WHAT THIS TASK INVOLVES =
Beginning at the line that includes "#2247=CARTESIAN_POINT('',(20.,-43.606,0.));", print each remaining line of the data word for word. Output nothing else.

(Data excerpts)
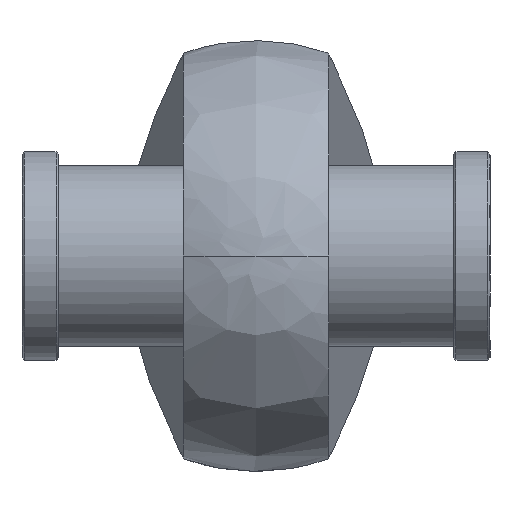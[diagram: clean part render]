
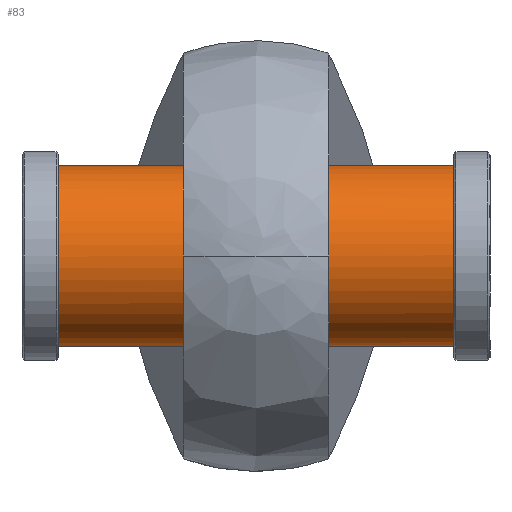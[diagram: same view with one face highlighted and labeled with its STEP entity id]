
A CAD part, left-side view. The second image highlights one B-rep face of the part: STEP entity #83.
In plain terms, the highlighted cylindrical face has radius 20 mm (diameter 40 mm), a full revolution.
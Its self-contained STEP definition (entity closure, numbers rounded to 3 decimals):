
#83=ADVANCED_FACE('',(#157),#1214,.T.);
#157=FACE_OUTER_BOUND('',#238,.T.);
#238=EDGE_LOOP('',(#506,#507,#508,#509));
#506=ORIENTED_EDGE('',*,*,#774,.T.);
#507=ORIENTED_EDGE('',*,*,#776,.T.);
#508=ORIENTED_EDGE('',*,*,#775,.T.);
#509=ORIENTED_EDGE('',*,*,#776,.F.);
#774=EDGE_CURVE('',#1128,#1128,#983,.T.);
#775=EDGE_CURVE('',#1129,#1129,#984,.T.);
#776=EDGE_CURVE('',#1128,#1129,#897,.T.);
#897=B_SPLINE_CURVE_WITH_KNOTS('',1,(#2248,#2249),.UNSPECIFIED.,.F.,.F.,
(2,2),(8.841,96.053),.UNSPECIFIED.);
#983=(
BOUNDED_CURVE()
B_SPLINE_CURVE(2,(#2230,#2231,#2232,#2233,#2234,#2235,#2236,#2237,#2238),
 .UNSPECIFIED.,.T.,.F.)
B_SPLINE_CURVE_WITH_KNOTS((3,2,2,2,3),(0.,31.416,62.832,
94.248,125.664),.UNSPECIFIED.)
CURVE()
GEOMETRIC_REPRESENTATION_ITEM()
RATIONAL_B_SPLINE_CURVE((1.,0.707,1.,0.707,1.,0.707,
1.,0.707,1.))
REPRESENTATION_ITEM('')
);
#984=(
BOUNDED_CURVE()
B_SPLINE_CURVE(2,(#2239,#2240,#2241,#2242,#2243,#2244,#2245,#2246,#2247),
 .UNSPECIFIED.,.T.,.F.)
B_SPLINE_CURVE_WITH_KNOTS((3,2,2,2,3),(0.,31.416,62.832,
94.248,125.664),.UNSPECIFIED.)
CURVE()
GEOMETRIC_REPRESENTATION_ITEM()
RATIONAL_B_SPLINE_CURVE((1.,0.707,1.,0.707,1.,0.707,
1.,0.707,1.))
REPRESENTATION_ITEM('')
);
#1128=VERTEX_POINT('',#2182);
#1129=VERTEX_POINT('',#2183);
#1214=CYLINDRICAL_SURFACE('',#1366,20.);
#1366=AXIS2_PLACEMENT_3D('',#2172,#1412,$);
#1412=DIRECTION('',(0.,-1.,0.));
#2172=CARTESIAN_POINT('',(0.,0.,0.));
#2182=CARTESIAN_POINT('',(20.,43.606,0.));
#2183=CARTESIAN_POINT('',(20.,-43.606,0.));
#2230=CARTESIAN_POINT('',(20.,43.606,0.));
#2231=CARTESIAN_POINT('',(20.,43.606,20.));
#2232=CARTESIAN_POINT('',(0.,43.606,20.));
#2233=CARTESIAN_POINT('',(-20.,43.606,20.));
#2234=CARTESIAN_POINT('',(-20.,43.606,0.));
#2235=CARTESIAN_POINT('',(-20.,43.606,-20.));
#2236=CARTESIAN_POINT('',(0.,43.606,-20.));
#2237=CARTESIAN_POINT('',(20.,43.606,-20.));
#2238=CARTESIAN_POINT('',(20.,43.606,0.));
#2239=CARTESIAN_POINT('',(20.,-43.606,0.));
#2240=CARTESIAN_POINT('',(20.,-43.606,-20.));
#2241=CARTESIAN_POINT('',(0.,-43.606,-20.));
#2242=CARTESIAN_POINT('',(-20.,-43.606,-20.));
#2243=CARTESIAN_POINT('',(-20.,-43.606,0.));
#2244=CARTESIAN_POINT('',(-20.,-43.606,20.));
#2245=CARTESIAN_POINT('',(0.,-43.606,20.));
#2246=CARTESIAN_POINT('',(20.,-43.606,20.));
#2247=CARTESIAN_POINT('',(20.,-43.606,0.));
#2248=CARTESIAN_POINT('',(20.,43.606,0.));
#2249=CARTESIAN_POINT('',(20.,-43.606,0.));

PROBLEM SOLUTION =
#2247=CARTESIAN_POINT('',(20.,-43.606,0.));
#2248=CARTESIAN_POINT('',(20.,43.606,0.));
#2249=CARTESIAN_POINT('',(20.,-43.606,0.));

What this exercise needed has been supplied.